So you're reading a bunch about how Big Tobacco tries to sell cigarettes to kids. And maybe you're wondering why they would try to do that since kids can't legally buy cigarettes. There are actually lots of laws that protect kids from direct marketing from the cigarette companies—like it's illegal for cigarette companies to put ads in kids' magazines. And the tobacco companies officially say they don't want kids to smoke.
But sometimes you have to look at what people do, not just what they say. My little brother said it was an accident that he spilled his soda in my lap, but I wouldn't bet the house on it.
The tobacco companies say they don't want kids to smoke, but something about their sales pitch says differently.
- They target college kids 'cause they know that what college kids like high school kids will like too. (They can't target high school students directly because laws protect them.)

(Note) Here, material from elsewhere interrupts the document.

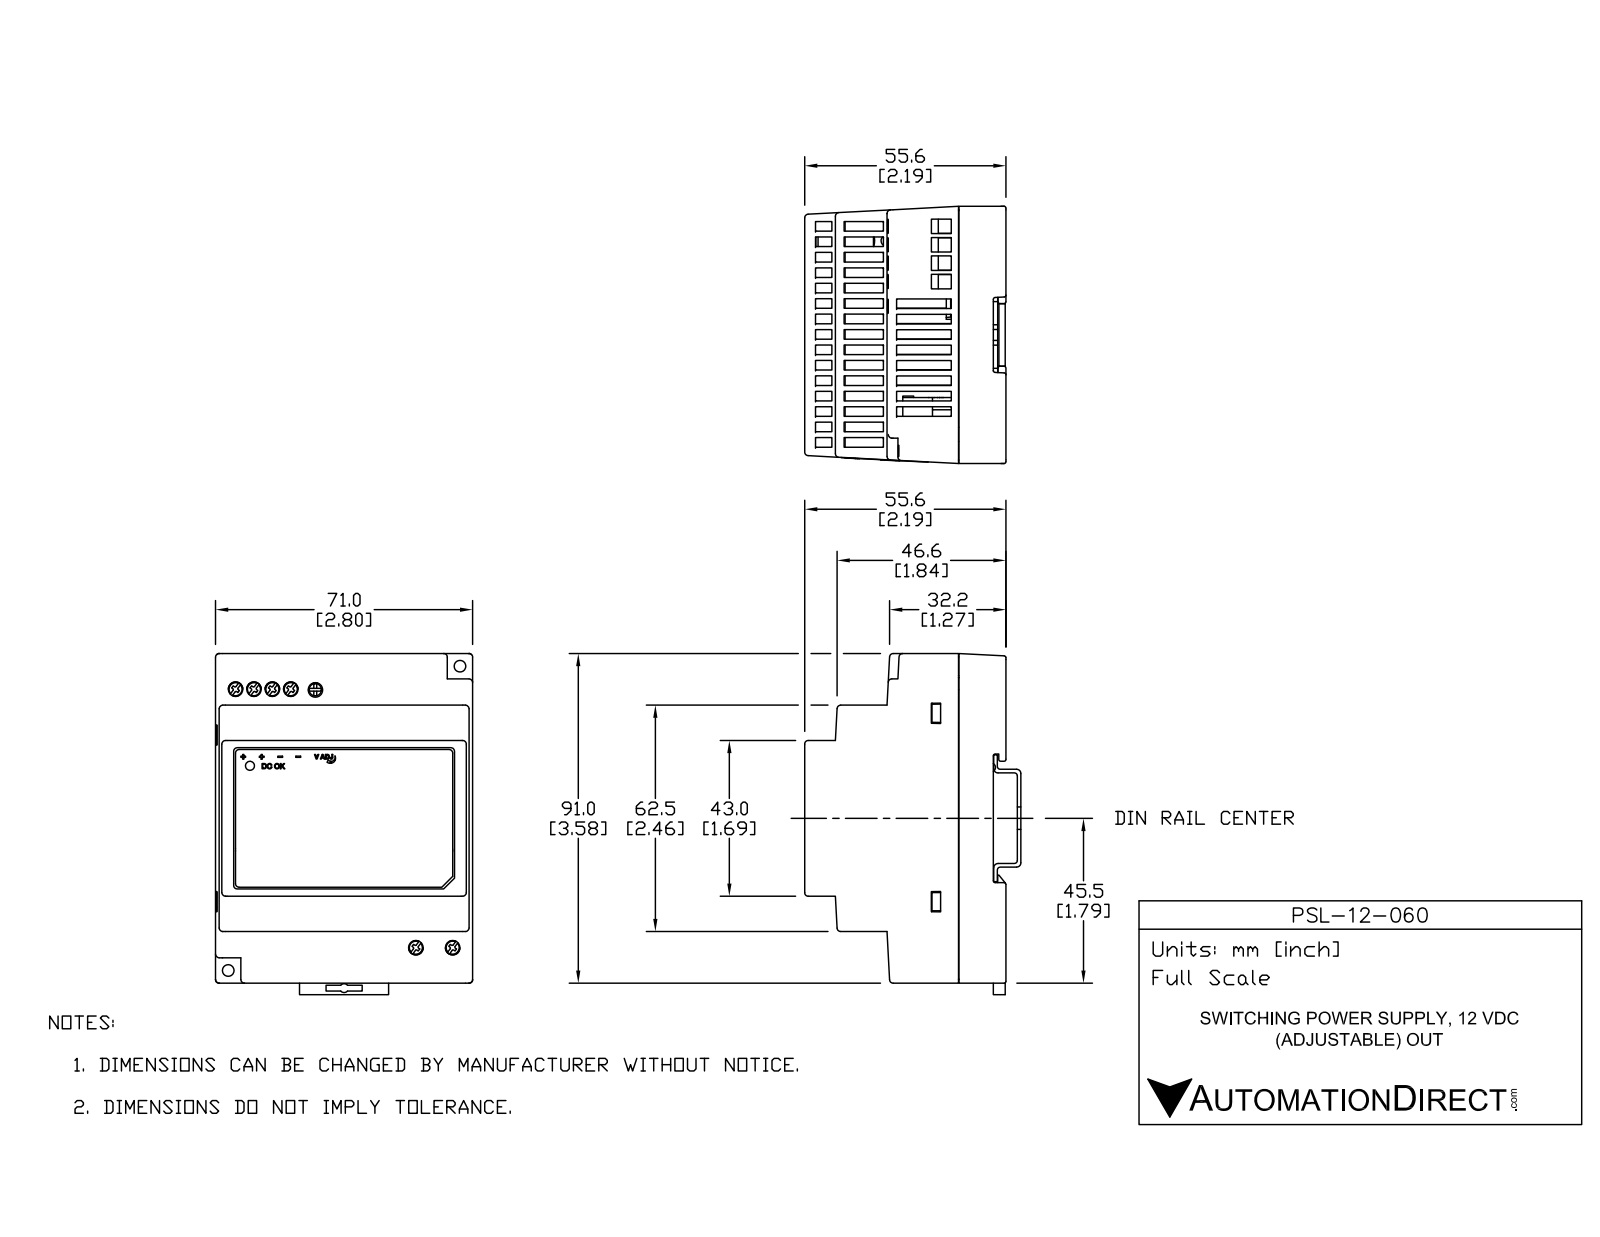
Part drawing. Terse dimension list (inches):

- They pour a ton of cash into advertising in magazines that adults and young people read, instead of choosing magazines that just adults read.
- They increased how much cash they spend advertising tobacco products by 85% over just four years. They spend over $11 billion dollars a year telling people to smoke cigarettes!
The other thing they do is make a ton of money selling cigarettes to kids—$1.8 billion! To put that in perspective, everything that Mary-Kate and Ashley sold in 2004—the movies, clothes, furniture, and perfume—totaled $1 billion dollars. So Big Tobacco makes almost double the money that Mary-Kate and Ashley made selling to kids.
Big Tobacco knows nearly all adult smokers started smoking before they turned 18. They also know it's super-hard to quit smoking. So if they sell to kids, there's a good chance the kids will keep buying cigarettes after they grow up.
So with all that, the tobacco companies' talk about not wanting kids to buy cigarettes seems like they're blowing smoke, doesn't it?